» **YOUR ASSIGNMENT**: Among the lines below, count those containing the word "drawing". Give the number only.

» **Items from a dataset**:
........
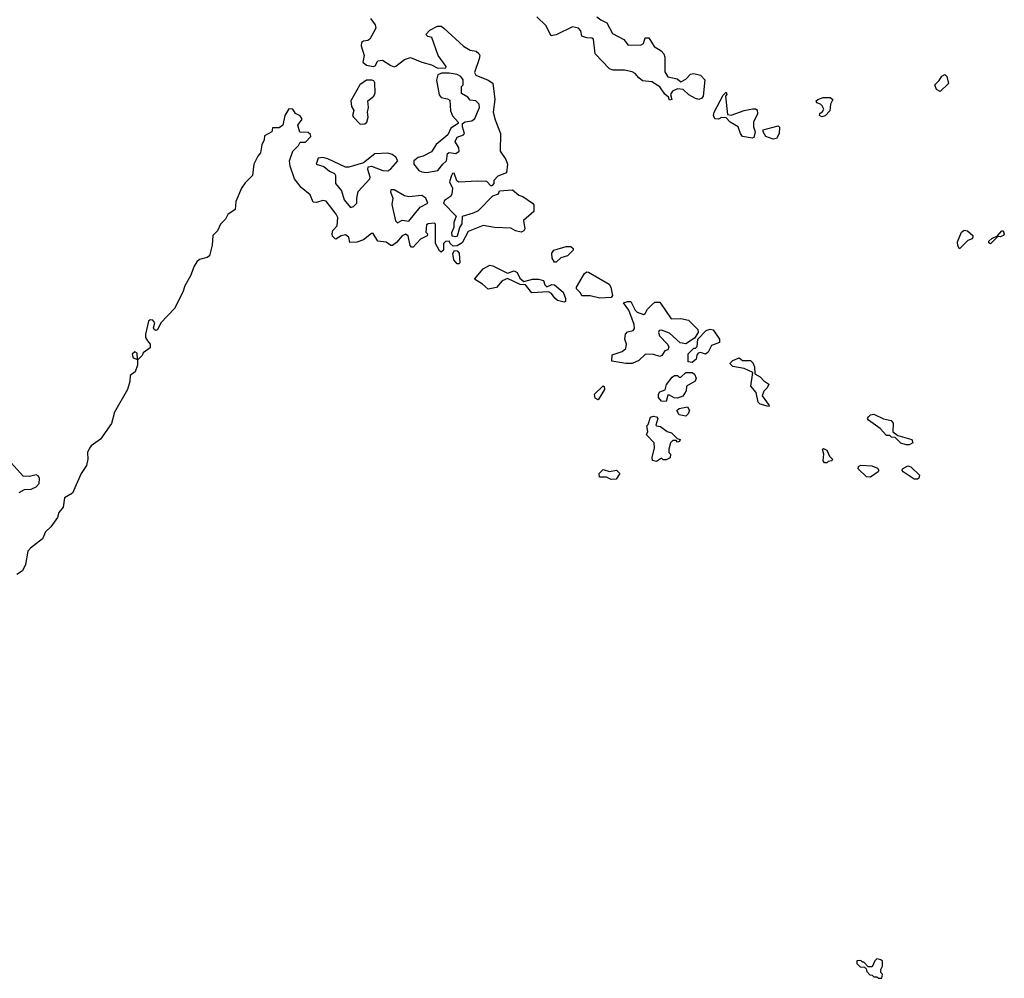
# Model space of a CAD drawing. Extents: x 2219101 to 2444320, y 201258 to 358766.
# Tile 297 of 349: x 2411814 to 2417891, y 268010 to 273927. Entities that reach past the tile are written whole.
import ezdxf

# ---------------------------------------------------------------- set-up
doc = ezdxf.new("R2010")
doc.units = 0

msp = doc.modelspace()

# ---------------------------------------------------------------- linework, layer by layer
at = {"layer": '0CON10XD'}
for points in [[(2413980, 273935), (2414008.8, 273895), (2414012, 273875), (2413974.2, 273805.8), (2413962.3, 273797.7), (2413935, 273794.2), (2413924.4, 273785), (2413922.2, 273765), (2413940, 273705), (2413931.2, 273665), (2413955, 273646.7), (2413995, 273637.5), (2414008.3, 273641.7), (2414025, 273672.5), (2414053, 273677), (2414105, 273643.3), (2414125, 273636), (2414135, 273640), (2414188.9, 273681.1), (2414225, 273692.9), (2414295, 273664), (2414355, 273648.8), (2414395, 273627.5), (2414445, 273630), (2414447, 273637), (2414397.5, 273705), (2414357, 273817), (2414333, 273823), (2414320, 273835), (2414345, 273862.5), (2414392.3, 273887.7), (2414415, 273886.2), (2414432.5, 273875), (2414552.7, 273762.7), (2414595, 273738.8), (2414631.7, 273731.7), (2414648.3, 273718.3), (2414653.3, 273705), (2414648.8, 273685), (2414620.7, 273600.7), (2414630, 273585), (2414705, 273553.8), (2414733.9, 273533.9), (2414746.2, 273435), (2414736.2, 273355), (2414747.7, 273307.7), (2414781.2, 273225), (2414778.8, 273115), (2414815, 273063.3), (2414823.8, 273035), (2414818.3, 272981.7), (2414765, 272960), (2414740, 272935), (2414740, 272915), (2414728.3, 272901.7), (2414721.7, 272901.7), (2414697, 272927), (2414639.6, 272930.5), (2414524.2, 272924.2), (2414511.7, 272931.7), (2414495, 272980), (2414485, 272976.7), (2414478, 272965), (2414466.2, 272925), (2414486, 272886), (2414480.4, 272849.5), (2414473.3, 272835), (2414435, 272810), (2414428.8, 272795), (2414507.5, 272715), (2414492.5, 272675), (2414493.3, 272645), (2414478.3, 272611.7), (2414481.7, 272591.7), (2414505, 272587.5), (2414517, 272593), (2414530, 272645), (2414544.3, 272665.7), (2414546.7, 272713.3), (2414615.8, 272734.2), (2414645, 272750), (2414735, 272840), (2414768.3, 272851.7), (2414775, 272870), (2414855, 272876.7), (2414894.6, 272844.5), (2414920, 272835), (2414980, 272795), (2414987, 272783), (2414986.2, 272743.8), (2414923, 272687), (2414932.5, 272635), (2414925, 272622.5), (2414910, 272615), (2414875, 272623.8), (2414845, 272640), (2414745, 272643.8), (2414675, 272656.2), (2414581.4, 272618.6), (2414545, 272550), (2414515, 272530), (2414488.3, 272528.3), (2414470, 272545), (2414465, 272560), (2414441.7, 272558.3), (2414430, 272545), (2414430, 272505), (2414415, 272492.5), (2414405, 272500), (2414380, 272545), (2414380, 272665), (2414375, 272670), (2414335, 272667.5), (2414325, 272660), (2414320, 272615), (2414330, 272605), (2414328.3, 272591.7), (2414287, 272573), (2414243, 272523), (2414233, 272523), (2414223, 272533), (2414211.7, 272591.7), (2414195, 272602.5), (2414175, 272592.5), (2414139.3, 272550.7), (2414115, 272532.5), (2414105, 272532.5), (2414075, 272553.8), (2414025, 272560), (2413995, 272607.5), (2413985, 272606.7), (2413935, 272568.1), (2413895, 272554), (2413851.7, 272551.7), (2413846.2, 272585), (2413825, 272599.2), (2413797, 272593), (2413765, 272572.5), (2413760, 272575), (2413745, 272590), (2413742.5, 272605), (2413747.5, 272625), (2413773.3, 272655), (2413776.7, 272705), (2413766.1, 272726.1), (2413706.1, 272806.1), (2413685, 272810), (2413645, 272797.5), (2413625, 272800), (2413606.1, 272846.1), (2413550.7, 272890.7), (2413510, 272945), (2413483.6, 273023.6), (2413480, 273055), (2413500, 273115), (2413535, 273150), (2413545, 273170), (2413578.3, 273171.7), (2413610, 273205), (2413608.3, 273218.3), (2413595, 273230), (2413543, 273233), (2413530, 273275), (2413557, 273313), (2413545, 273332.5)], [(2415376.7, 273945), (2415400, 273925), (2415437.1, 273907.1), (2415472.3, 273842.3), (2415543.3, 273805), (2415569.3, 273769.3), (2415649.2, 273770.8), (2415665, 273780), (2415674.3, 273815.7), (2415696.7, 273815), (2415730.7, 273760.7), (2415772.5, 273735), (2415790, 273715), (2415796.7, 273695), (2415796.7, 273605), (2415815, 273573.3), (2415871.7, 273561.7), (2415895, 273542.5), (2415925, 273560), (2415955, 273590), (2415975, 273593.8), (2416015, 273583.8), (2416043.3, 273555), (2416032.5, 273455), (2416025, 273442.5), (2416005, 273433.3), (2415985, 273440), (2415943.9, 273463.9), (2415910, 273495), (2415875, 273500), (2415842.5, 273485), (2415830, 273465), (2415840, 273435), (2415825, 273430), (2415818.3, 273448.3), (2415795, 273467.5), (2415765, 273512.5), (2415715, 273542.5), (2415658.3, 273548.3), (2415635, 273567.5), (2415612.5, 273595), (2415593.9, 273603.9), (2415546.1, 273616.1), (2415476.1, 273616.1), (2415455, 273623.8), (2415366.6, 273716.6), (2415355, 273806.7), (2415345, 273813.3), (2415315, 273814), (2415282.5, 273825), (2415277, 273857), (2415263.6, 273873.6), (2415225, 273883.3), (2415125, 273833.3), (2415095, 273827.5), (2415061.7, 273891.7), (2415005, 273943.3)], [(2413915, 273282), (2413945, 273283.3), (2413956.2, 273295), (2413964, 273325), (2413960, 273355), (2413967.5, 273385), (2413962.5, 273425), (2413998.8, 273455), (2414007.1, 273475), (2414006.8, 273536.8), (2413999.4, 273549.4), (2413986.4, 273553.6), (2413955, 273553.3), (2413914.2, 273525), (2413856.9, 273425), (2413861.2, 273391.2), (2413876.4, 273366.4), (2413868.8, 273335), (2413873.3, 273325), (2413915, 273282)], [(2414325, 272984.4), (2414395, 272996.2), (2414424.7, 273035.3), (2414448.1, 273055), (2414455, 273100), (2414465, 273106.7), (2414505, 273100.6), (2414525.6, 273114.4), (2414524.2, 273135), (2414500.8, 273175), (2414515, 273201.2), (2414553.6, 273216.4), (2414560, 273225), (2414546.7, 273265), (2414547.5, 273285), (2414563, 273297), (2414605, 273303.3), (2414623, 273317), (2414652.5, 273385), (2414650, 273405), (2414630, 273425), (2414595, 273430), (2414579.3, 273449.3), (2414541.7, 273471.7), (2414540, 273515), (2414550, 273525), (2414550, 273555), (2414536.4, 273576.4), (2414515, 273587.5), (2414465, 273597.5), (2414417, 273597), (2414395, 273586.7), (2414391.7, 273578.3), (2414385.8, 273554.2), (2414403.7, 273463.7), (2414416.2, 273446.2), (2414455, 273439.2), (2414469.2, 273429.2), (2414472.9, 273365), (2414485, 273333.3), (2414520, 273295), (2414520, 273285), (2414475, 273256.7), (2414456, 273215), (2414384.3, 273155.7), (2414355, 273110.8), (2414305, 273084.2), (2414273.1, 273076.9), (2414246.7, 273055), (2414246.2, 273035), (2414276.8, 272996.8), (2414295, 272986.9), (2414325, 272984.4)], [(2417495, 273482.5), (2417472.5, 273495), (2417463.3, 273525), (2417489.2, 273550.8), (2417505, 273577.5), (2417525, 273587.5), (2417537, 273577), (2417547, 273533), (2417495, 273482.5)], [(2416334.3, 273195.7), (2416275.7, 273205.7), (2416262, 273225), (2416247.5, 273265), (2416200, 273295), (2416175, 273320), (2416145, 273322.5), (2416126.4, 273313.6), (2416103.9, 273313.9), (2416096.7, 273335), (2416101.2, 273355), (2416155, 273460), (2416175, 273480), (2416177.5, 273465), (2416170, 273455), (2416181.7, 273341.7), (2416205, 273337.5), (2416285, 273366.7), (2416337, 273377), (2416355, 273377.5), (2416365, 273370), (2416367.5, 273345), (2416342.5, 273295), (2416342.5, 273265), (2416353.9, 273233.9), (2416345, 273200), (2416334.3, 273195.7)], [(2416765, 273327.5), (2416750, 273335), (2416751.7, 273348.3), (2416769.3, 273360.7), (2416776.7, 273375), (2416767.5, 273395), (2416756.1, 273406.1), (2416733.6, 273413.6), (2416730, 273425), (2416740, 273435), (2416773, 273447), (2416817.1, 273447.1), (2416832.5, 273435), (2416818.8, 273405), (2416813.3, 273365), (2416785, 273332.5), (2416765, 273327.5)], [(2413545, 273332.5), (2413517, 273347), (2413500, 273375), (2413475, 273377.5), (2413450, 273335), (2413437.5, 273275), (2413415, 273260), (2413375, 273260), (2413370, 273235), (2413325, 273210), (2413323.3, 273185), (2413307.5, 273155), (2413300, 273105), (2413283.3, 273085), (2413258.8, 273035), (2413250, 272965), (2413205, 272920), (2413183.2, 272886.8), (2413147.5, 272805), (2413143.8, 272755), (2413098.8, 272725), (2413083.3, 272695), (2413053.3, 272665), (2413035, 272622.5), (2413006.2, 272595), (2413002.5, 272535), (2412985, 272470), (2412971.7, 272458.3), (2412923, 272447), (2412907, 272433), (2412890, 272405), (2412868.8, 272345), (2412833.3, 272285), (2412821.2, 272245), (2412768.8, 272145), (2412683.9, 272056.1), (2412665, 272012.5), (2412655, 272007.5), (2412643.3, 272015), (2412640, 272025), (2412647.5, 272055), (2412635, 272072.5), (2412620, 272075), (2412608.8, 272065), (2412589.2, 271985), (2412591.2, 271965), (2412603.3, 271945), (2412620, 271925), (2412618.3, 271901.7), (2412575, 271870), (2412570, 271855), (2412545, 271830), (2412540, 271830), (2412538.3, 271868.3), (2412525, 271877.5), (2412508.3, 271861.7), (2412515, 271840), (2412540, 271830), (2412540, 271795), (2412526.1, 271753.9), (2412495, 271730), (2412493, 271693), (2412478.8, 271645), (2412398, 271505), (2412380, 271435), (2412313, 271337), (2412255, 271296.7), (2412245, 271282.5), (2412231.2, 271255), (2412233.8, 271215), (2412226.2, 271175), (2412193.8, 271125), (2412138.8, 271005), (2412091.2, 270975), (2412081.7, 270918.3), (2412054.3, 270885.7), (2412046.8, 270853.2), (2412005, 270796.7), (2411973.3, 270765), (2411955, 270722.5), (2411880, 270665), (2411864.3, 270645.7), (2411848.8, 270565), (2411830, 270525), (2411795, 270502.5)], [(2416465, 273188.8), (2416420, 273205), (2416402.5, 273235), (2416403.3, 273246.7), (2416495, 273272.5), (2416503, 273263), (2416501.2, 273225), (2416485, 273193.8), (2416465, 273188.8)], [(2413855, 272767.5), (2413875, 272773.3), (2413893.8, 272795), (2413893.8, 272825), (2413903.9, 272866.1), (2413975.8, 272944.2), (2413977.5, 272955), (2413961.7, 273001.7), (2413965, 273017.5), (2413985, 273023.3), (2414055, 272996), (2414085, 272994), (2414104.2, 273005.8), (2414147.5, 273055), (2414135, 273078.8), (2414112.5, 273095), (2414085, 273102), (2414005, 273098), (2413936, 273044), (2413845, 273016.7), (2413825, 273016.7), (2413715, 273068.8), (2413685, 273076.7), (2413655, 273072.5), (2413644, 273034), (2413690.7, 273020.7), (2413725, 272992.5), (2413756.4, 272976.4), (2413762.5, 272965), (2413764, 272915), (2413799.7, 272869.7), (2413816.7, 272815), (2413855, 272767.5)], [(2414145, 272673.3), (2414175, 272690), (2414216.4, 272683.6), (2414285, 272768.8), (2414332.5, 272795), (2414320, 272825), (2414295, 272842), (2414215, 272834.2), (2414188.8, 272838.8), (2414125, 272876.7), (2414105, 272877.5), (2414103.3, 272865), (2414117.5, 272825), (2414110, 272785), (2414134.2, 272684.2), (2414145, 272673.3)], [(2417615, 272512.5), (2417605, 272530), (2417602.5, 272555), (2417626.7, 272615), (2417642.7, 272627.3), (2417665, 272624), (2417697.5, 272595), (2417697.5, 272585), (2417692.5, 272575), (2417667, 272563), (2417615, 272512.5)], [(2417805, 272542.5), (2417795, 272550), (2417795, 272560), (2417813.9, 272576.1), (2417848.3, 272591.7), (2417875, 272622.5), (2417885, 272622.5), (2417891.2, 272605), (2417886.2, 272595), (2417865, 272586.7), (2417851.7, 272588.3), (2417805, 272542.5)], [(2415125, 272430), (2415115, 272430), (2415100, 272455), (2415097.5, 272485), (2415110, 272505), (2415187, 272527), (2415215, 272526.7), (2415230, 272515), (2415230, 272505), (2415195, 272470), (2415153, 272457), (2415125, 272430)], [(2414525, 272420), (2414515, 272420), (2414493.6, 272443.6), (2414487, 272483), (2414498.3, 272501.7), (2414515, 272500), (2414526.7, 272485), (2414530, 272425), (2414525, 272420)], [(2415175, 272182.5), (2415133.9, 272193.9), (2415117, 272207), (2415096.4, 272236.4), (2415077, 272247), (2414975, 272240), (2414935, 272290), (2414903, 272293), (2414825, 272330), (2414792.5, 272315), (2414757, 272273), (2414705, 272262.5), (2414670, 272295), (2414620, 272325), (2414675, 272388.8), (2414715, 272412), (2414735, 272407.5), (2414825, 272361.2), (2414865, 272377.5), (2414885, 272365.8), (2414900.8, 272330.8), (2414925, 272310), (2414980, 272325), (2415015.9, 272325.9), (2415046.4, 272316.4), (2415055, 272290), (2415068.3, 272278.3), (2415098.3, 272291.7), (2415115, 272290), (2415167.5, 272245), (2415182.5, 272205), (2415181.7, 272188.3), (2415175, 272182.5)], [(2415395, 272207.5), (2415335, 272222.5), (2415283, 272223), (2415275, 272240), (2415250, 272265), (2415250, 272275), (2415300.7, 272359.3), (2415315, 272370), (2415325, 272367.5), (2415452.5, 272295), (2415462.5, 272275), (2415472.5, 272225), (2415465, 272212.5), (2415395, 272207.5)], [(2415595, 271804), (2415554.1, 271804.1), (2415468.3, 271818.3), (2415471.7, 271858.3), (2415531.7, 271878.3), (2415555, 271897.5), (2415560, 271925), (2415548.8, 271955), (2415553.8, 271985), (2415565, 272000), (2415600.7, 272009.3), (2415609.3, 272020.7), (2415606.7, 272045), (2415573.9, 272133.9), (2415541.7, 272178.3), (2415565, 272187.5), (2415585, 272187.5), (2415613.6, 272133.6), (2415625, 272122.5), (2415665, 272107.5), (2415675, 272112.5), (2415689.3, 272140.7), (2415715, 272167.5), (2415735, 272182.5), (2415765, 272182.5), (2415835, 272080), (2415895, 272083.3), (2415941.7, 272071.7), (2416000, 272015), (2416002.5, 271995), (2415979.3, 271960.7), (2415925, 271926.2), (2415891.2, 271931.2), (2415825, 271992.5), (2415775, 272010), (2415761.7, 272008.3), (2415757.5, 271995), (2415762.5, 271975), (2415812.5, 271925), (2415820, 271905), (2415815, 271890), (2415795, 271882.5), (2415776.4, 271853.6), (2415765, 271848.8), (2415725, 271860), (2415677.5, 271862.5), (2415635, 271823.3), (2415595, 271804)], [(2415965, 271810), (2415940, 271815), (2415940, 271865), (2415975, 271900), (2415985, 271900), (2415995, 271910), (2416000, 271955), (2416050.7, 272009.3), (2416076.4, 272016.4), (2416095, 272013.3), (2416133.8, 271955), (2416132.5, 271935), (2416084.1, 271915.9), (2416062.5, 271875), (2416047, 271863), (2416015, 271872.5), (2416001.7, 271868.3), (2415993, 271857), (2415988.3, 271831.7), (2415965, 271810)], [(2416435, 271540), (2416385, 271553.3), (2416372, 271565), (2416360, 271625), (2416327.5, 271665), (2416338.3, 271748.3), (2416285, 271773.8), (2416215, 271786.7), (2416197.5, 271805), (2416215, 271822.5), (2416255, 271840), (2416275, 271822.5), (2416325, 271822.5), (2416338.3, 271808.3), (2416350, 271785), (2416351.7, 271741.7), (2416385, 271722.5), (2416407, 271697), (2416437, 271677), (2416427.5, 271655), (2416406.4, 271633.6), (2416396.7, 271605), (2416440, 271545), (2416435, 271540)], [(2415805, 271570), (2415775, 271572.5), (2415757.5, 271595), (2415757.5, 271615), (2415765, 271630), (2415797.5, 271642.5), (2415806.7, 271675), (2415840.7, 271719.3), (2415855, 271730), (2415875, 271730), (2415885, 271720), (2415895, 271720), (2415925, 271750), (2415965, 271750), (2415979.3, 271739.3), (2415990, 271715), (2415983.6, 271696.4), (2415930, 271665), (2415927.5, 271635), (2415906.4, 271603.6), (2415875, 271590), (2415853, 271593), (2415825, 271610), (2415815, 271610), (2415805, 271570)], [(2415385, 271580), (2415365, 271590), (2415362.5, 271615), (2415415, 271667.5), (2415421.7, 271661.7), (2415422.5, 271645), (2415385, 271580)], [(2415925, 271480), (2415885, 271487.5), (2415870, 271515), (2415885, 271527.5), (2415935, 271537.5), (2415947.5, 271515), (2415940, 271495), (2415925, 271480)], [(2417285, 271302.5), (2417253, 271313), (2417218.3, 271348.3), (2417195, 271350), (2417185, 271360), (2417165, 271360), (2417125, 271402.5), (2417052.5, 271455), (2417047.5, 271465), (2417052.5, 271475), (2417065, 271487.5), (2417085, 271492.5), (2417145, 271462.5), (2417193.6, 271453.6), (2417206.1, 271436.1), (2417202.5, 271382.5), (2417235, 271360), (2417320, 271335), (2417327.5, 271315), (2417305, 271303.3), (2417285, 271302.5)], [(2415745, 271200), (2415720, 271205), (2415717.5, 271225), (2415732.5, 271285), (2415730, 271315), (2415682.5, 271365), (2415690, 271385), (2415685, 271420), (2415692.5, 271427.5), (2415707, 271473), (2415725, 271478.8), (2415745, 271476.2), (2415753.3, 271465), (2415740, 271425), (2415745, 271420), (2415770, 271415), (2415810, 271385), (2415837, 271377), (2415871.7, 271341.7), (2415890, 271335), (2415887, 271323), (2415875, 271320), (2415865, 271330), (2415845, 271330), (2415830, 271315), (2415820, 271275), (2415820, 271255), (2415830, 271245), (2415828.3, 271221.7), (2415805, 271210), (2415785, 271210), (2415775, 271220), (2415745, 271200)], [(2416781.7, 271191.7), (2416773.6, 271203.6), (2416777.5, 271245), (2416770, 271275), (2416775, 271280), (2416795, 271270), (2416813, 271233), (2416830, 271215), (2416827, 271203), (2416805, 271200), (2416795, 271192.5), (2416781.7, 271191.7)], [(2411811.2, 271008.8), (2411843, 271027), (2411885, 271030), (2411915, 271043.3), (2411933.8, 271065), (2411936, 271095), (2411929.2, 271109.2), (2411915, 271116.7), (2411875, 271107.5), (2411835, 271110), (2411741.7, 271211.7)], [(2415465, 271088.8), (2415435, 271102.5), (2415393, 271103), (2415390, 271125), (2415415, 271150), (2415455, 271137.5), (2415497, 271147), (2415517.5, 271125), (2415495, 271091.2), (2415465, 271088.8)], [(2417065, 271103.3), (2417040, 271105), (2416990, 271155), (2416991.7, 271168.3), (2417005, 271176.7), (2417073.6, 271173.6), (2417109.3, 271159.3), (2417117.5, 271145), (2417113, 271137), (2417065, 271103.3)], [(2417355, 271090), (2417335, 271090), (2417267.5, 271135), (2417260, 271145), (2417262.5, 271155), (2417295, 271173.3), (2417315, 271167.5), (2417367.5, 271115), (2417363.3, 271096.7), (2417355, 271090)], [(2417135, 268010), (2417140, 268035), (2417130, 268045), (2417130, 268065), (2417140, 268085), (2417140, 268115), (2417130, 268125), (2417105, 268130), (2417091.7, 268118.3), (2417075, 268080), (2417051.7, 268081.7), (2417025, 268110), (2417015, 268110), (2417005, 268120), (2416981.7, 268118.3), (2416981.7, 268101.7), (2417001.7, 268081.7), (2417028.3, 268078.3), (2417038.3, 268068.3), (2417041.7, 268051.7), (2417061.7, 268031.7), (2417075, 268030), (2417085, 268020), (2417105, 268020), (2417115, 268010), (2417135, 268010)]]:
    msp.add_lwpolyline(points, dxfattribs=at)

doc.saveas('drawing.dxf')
........
» **ANSWER TO THIS PROBLEM**: 2